3.1 Syntax and informal semantics
What are the elements of imperative programming as we’ve seen so far?
Statements that produce no useful value, but get things done through side effects.
Expressions only as part of statements.
Sequencing of two or more statements.
Conditional evaluation.
Repetition with some continuation test.
We will use S-expression syntax to avoid parsing issues. This merely makes explicit the tree structure that is inherent in most programming languages. We would otherwise have to write a function that consumed a string representing a program and produce the required structure. A thorough treatment of techniques to accomplish this task would need a full book, course, or flânerie on its own (and it is not understood well by most computer scientists).
I’ll call the language SIMP, following the lead of Glynn Winskel in his book Formal Semantics of Programming Languages, in which he defined a similar language, with but with more conventional syntax. A SIMP program consists of declaration and initialization of some variables to integer values, followed by one or more statements.

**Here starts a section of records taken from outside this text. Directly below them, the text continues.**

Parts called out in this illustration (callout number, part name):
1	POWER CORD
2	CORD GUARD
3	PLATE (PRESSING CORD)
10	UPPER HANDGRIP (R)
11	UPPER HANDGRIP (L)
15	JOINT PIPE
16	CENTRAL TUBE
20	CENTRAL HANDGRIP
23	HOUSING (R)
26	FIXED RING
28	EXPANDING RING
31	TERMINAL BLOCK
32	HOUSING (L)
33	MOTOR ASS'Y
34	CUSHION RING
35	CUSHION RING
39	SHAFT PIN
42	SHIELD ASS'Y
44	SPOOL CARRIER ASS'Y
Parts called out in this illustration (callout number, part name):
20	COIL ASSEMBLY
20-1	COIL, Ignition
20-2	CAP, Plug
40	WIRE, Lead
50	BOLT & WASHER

In the code below, the single statement uses print, whose single argument is a SIMP arithmetic expression or a string constant.
(vars [(x 0) (y 1) (z 2)] |
(print y)) |
Here are grammar rules for what we have so far.

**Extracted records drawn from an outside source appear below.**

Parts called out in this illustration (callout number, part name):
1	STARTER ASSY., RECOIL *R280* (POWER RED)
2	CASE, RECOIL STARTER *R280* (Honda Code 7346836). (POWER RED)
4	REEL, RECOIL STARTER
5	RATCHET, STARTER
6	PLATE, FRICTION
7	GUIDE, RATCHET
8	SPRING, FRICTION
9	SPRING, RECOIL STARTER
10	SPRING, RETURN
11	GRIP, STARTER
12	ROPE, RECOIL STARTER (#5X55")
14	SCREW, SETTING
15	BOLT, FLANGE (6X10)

program | = | (vars [(id number) ...] stmt ...) | ||
stmt | = | (print aexp) | ||
| | (print string) |
We mutate variables with a set statement.
The sequencing construct is seq, which lets us combine several statements into one. There is an implicit seq in the vars statement.
(seq |
(set x 2) |
(set x (* x x)) |
(set x (* x x))) |
stmt | = | (set id aexp) | ||
| | (seq stmt ...) |
The conditional construct is iif (for "imperative if", to emphasize that it does not produce a value). The test will be an expression that produces a Boolean value.
(iif (> x y) |
(set answer x) |
(set answer y)) |
stmt | = | (iif bexp stmt stmt) |
We can handle "one-sided if", in which one of the two sides does nothing, with the skip statement, which does exactly that. The repetition construct is while, which repeats a sequence of statements (again, there is an implicit seq) as long as a specified condition is true.
(while (> x 0) |
(set y (* 2 y)) |
(set x (- x 1))) |
stmt | = | (skip) | ||
| | (while bexp stmt ...) |
We can add a modest collection of primitives for use in expressions (arithmetic and logical).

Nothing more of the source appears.